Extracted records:

+ + + +

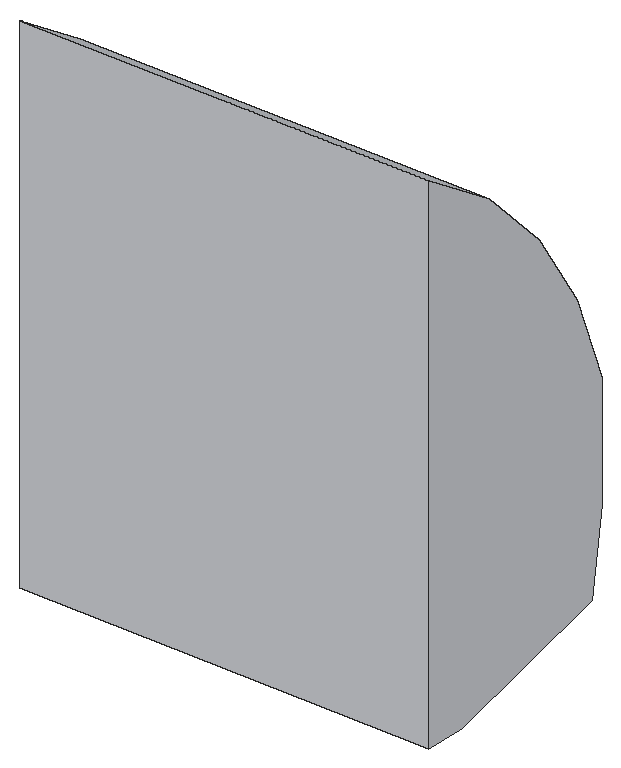
Revit family "DAN DRYER Stainless Design Mini Design 280", category Furniture Systems, host Wall, Revit 2018
Family settings
  Host = Wall
  Round Connector Dimension = Use Diameter
  Part Type = Normal
  Always vertical = Yes
  Cut with Voids When Loaded = No
  Shared = No
  Room Calculation Point = No
Parameters (values of type "Stål")
  Wicth = 304 mm
  URL = "http://www.dandryer.com/Files/Billeder/PDF/Datablade/Nye/Technical%20data%20sheet%20280.pdf"
  Type Image = <None>
  Offset from Floor = 1500 mm
  Model = "Stainless design"
  Manufacturer = "http://www.dandryer.com/"
  Height = 378 mm
  Description = "WARM-AIR HAND DRYER with IR sensor, type AE DESIGN, Art. no. 280"
  Cost = 0
Reference planes
  plane 1 "Wall": y = 0
  plane 2 "Center (Left/Right)": x = 125
  plane 3 "Back": y = 75
  plane 4 "Top": z = 1500
  plane 5 "Bund": z = 1122
  plane 6: x = 277
  plane 7: x = -27
Forms (mm)
  Extrusion 1, solid
    sketch origin (125, 0, 0) x (0, 1, 0) y (0, 0, 1)
      loop
        line (75, 1122) -> (105, 1122) -> (225.741, 1154.352) -> (235.127, 1213.614) -> (235.127, 1298.2)
        arc (235.127, 1298.2) -> (176.486, 1416.099) -> (75, 1500) r 317.01
        line (75, 1500) -> (75, 1122)
    from -152 to 152
  Extrusion 2, void
    sketch origin (118.75, 105, 1122) x (0, -0.965926, -0.258819) y (1, 0, 0)
      loop
        line (-17.596, -81.466) -> (-31.155, -81.466)
        arc (-31.155, -81.466) -> (-34.972, -85.283) -> (-31.155, -89.1) r 3.817
        line (-31.155, -89.1) -> (-17.596, -89.1)
        arc (-17.596, -89.1) -> (-13.779, -85.283) -> (-17.596, -81.466) r 3.817
      loop
        circle (-69.93, 113.393) r 25
      loop
        line (-17.596, -60.092) -> (-31.155, -60.092)
        arc (-31.155, -60.092) -> (-34.972, -63.909) -> (-31.155, -67.726) r 3.817
        line (-31.155, -67.726) -> (-17.596, -67.726)
        arc (-17.596, -67.726) -> (-13.779, -63.909) -> (-17.596, -60.092) r 3.817
      loop
        line (-17.596, -38.718) -> (-31.155, -38.718)
        arc (-31.155, -38.718) -> (-34.972, -42.535) -> (-31.155, -46.352) r 3.817
        line (-31.155, -46.352) -> (-17.596, -46.352)
        arc (-17.596, -46.352) -> (-13.779, -42.535) -> (-17.596, -38.718) r 3.817
      loop
        line (-17.596, -17.344) -> (-31.155, -17.344)
        arc (-31.155, -17.344) -> (-34.972, -21.161) -> (-31.155, -24.978) r 3.817
        line (-31.155, -24.978) -> (-17.596, -24.978)
        arc (-17.596, -24.978) -> (-13.779, -21.161) -> (-17.596, -17.344) r 3.817
      loop
        line (-17.596, 4.03) -> (-31.155, 4.03)
        arc (-31.155, 4.03) -> (-34.972, 0.213) -> (-31.155, -3.604) r 3.817
        line (-31.155, -3.604) -> (-17.596, -3.604)
        arc (-17.596, -3.604) -> (-13.779, 0.213) -> (-17.596, 4.03) r 3.817
      loop
        line (-17.596, 25.404) -> (-31.155, 25.404)
        arc (-31.155, 25.404) -> (-34.972, 21.587) -> (-31.155, 17.77) r 3.817
        line (-31.155, 17.77) -> (-17.596, 17.77)
        arc (-17.596, 17.77) -> (-13.779, 21.587) -> (-17.596, 25.404) r 3.817
      loop
        line (-17.596, 46.778) -> (-31.155, 46.778)
        arc (-31.155, 46.778) -> (-34.972, 42.961) -> (-31.155, 39.144) r 3.817
        line (-31.155, 39.144) -> (-17.596, 39.144)
        arc (-17.596, 39.144) -> (-13.779, 42.961) -> (-17.596, 46.778) r 3.817
      loop
        line (-17.596, 68.152) -> (-31.155, 68.152)
        arc (-31.155, 68.152) -> (-34.972, 64.335) -> (-31.155, 60.518) r 3.817
        line (-31.155, 60.518) -> (-17.596, 60.518)
        arc (-17.596, 60.518) -> (-13.779, 64.335) -> (-17.596, 68.152) r 3.817
      loop
        line (-17.596, 89.526) -> (-31.155, 89.526)
        arc (-31.155, 89.526) -> (-34.972, 85.709) -> (-31.155, 81.892) r 3.817
        line (-31.155, 81.892) -> (-17.596, 81.892)
        arc (-17.596, 81.892) -> (-13.779, 85.709) -> (-17.596, 89.526) r 3.817
      loop
        line (-17.596, 110.9) -> (-31.155, 110.9)
        arc (-31.155, 110.9) -> (-34.972, 107.083) -> (-31.155, 103.267) r 3.817
        line (-31.155, 103.267) -> (-17.596, 103.267)
        arc (-17.596, 103.267) -> (-13.779, 107.083) -> (-17.596, 110.9) r 3.817
      loop
        circle (-76.191, 59.272) r 15.514
    from 0 to 5
  Extrusion 3, solid
    sketch origin (125, 105, 1122) x (0, 0.965926, 0.258819) y (1, 0, 0)
      loop
        line (44.918, 107.164) -> (94.87, 107.164)
        arc (94.87, 107.164) -> (94.805, 108.968) -> (94.609, 110.763) r 24.976
        line (94.609, 110.763) -> (45.179, 110.763)
        arc (45.179, 110.763) -> (44.983, 108.968) -> (44.918, 107.164) r 24.976
      loop
        line (49.9, 122.132) -> (89.888, 122.132)
        arc (89.888, 122.132) -> (88.315, 124.03) -> (86.563, 125.763) r 24.976
        line (86.563, 125.763) -> (53.225, 125.763)
        arc (53.225, 125.763) -> (51.473, 124.03) -> (49.9, 122.132) r 24.976
      loop
        line (90.843, 120.763) -> (48.945, 120.763)
        arc (48.945, 120.763) -> (47.904, 119.006) -> (47.01, 117.17) r 24.976
        line (47.01, 117.17) -> (92.778, 117.17)
        arc (92.778, 117.17) -> (91.884, 119.006) -> (90.843, 120.763) r 24.976
      loop
        line (45.422, 112.158) -> (94.366, 112.158)
        arc (94.366, 112.158) -> (93.922, 113.98) -> (93.343, 115.763) r 24.976
        line (93.343, 115.763) -> (46.445, 115.763)
        arc (46.445, 115.763) -> (45.866, 113.98) -> (45.422, 112.158) r 24.976
      loop
        line (54.805, 127.067) -> (84.982, 127.067)
        arc (84.982, 127.067) -> (69.894, 132.14) -> (54.805, 127.067) r 24.976
      loop
        arc (51.043, 90.763) -> (53.004, 88.743) -> (55.18, 86.957) r 25
        line (55.18, 86.957) -> (84.679, 86.957)
        arc (84.679, 86.957) -> (86.855, 88.743) -> (88.817, 90.763) r 25
        line (88.817, 90.763) -> (51.043, 90.763)
      loop
        arc (89.826, 92.005) -> (91.092, 93.831) -> (92.19, 95.763) r 25
        line (92.19, 95.763) -> (47.67, 95.763)
        arc (47.67, 95.763) -> (48.768, 93.831) -> (50.034, 92.005) r 25
        line (50.034, 92.005) -> (89.826, 92.005)
      loop
        arc (45.742, 100.823) -> (46.321, 98.92) -> (47.05, 97.068) r 25
        line (47.05, 97.068) -> (92.81, 97.068)
        arc (92.81, 97.068) -> (93.539, 98.92) -> (94.118, 100.823) r 25
        line (94.118, 100.823) -> (45.742, 100.823)
      loop
        arc (94.424, 102.14) -> (94.725, 103.946) -> (94.892, 105.769) r 25
        line (94.892, 105.769) -> (44.968, 105.769)
        arc (44.968, 105.769) -> (45.135, 103.946) -> (45.436, 102.14) r 25
        line (45.436, 102.14) -> (94.424, 102.14)
      loop
        arc (56.971, 85.763) -> (69.93, 82.143) -> (82.888, 85.763) r 25
        line (82.888, 85.763) -> (56.971, 85.763)
      loop
        circle (69.894, 107.404) r 26.725
    from 0 to 4.902
Cuts and joins
  Extrusion 2 cuts Extrusion 1
Text (mm)
  text "Placement Side" at (-1848.837, 1116.779, 0), in view "Ref. Level"
  text "Placement side" at (0, 1409.804, 2854.306), in view "Left"
  text "Placement side" at (0, 499.811, 2980.732), in view "Right"
Dimensions and locks
  locked: plane 3 "Back" to host wall
  "Height": plane 5 "Bund" to plane 4 "Top"
  equal spacing: plane 7, plane 2 "Center (Left/Right)", plane 6
  "Wicth": plane 7 to plane 6
  "Offset from Floor": level to plane 4 "Top"
  aligned and locked: plane 1 "Wall" to host wall
  aligned and locked: Extrusion 1 sketch curve to host wall
  aligned and locked: plane 7 to Extrusion 1
  aligned and locked: Extrusion 1 to plane 6
Automatic sketch dimensions
  Extrusion 1 to Extrusion 2 sketch curve = 48.809 mm
  Extrusion 2 sketch curve to Extrusion 2 sketch curve = 6.261 mm
  Extrusion 1 to Extrusion 2 sketch curve = 31.155 mm  (x2)
  Extrusion 2 sketch curve to Extrusion 2 sketch curve = 0 mm  (x8)
  Extrusion 2 sketch curve to Extrusion 2 sketch curve = 13.559 mm  (x10)
  Extrusion 2 sketch curve to Extrusion 1 = 56.65 mm
  Extrusion 2 sketch curve to Extrusion 2 sketch curve = 3.817 mm  (x10)
  Extrusion 2 sketch curve to Extrusion 2 sketch curve = 13.74 mm  (x9)
  Extrusion 2 sketch curve to Extrusion 2 sketch curve = 12.494 mm
  Extrusion 2 sketch curve to Extrusion 2 sketch curve = 2.492 mm
  Extrusion 3 sketch curve to Extrusion 3 sketch curve = 0 mm  (x32)
  Extrusion 3 sketch curve to Extrusion 1 = 44.918 mm
  Extrusion 3 sketch curve to Extrusion 3 sketch curve = 0.05 mm
  Extrusion 3 sketch curve to Extrusion 3 sketch curve = 0.261 mm  (x2)
  Extrusion 3 sketch curve to Extrusion 3 sketch curve = 0.244 mm  (x2)
  Extrusion 3 sketch curve to Extrusion 3 sketch curve = 0.468 mm
  Extrusion 3 sketch curve to Extrusion 3 sketch curve = 0.306 mm  (x2)
  Extrusion 3 sketch curve to Extrusion 3 sketch curve = 1.023 mm
  Extrusion 3 sketch curve to Extrusion 3 sketch curve = 0.565 mm  (x2)
  Extrusion 3 sketch curve to Extrusion 3 sketch curve = 1.308 mm
  Extrusion 3 sketch curve to Extrusion 3 sketch curve = 0.62 mm  (x2)
  Extrusion 3 sketch curve to Extrusion 3 sketch curve = 1.935 mm
  Extrusion 3 sketch curve to Extrusion 3 sketch curve = 0.955 mm  (x2)
  Extrusion 3 sketch curve to Extrusion 3 sketch curve = 2.364 mm
  Extrusion 3 sketch curve to Extrusion 3 sketch curve = 1.009 mm  (x2)
  Extrusion 3 sketch curve to Extrusion 3 sketch curve = 3.324 mm
  Extrusion 3 sketch curve to Extrusion 3 sketch curve = 1.581 mm  (x2)
  Extrusion 3 sketch curve to Extrusion 3 sketch curve = 4.137 mm
  Extrusion 3 sketch curve to Extrusion 3 sketch curve = 1.791 mm  (x2)
  Extrusion 3 sketch curve to Extrusion 3 sketch curve = 24.926 mm
  Extrusion 3 sketch curve to Extrusion 3 sketch curve = 0.036 mm
  Extrusion 1 to Extrusion 3 sketch curve = 66.237 mm
  Extrusion 3 sketch curve to Extrusion 3 sketch curve = 1.194 mm
  Extrusion 3 sketch curve to Extrusion 3 sketch curve = 3.806 mm
  Extrusion 3 sketch curve to Extrusion 3 sketch curve = 1.242 mm
  Extrusion 3 sketch curve to Extrusion 3 sketch curve = 1.305 mm
  Extrusion 3 sketch curve to Extrusion 3 sketch curve = 1.317 mm
  Extrusion 3 sketch curve to Extrusion 3 sketch curve = 0.021 mm
  Extrusion 3 sketch curve to Extrusion 3 sketch curve = 1.395 mm
  Extrusion 3 sketch curve to Extrusion 3 sketch curve = 1.407 mm
  Extrusion 3 sketch curve to Extrusion 3 sketch curve = 1.369 mm
  Extrusion 3 sketch curve to Extrusion 3 sketch curve = 1.304 mm
  Extrusion 1 sketch curve to plane 5 "Bund" = 0 mm
  Extrusion 1 sketch curve to plane 4 "Top" = 0 mm
  Extrusion 1 sketch curve to host wall = 3.156 mm
  Extrusion 1 sketch curve to Extrusion 1 sketch curve = 30 mm
  plane 5 "Bund" to Extrusion 1 sketch curve = 32.352 mm
  Extrusion 1 sketch curve to Extrusion 1 sketch curve = 120.741 mm
  Extrusion 1 sketch curve to Extrusion 1 sketch curve = 9.386 mm
  Extrusion 1 sketch curve to Extrusion 1 sketch curve = 59.261 mm
  plane 5 "Bund" to Extrusion 1 sketch curve = 97.051 mm
  radius of Extrusion 2 sketch curve = 25 mm
  radius of Extrusion 2 sketch curve = 15.514 mm
  radius of Extrusion 3 sketch curve = 26.725 mm

+ + + +

- **Task instructions**: Copy only the part of the records that runs from the first line to the line with "Room Calculation Point = No", ends included, leaving pictures out.

- **Answer section**:
Revit family "DAN DRYER Stainless Design Mini Design 280", category Furniture Systems, host Wall, Revit 2018
Family settings
  Host = Wall
  Round Connector Dimension = Use Diameter
  Part Type = Normal
  Always vertical = Yes
  Cut with Voids When Loaded = No
  Shared = No
  Room Calculation Point = No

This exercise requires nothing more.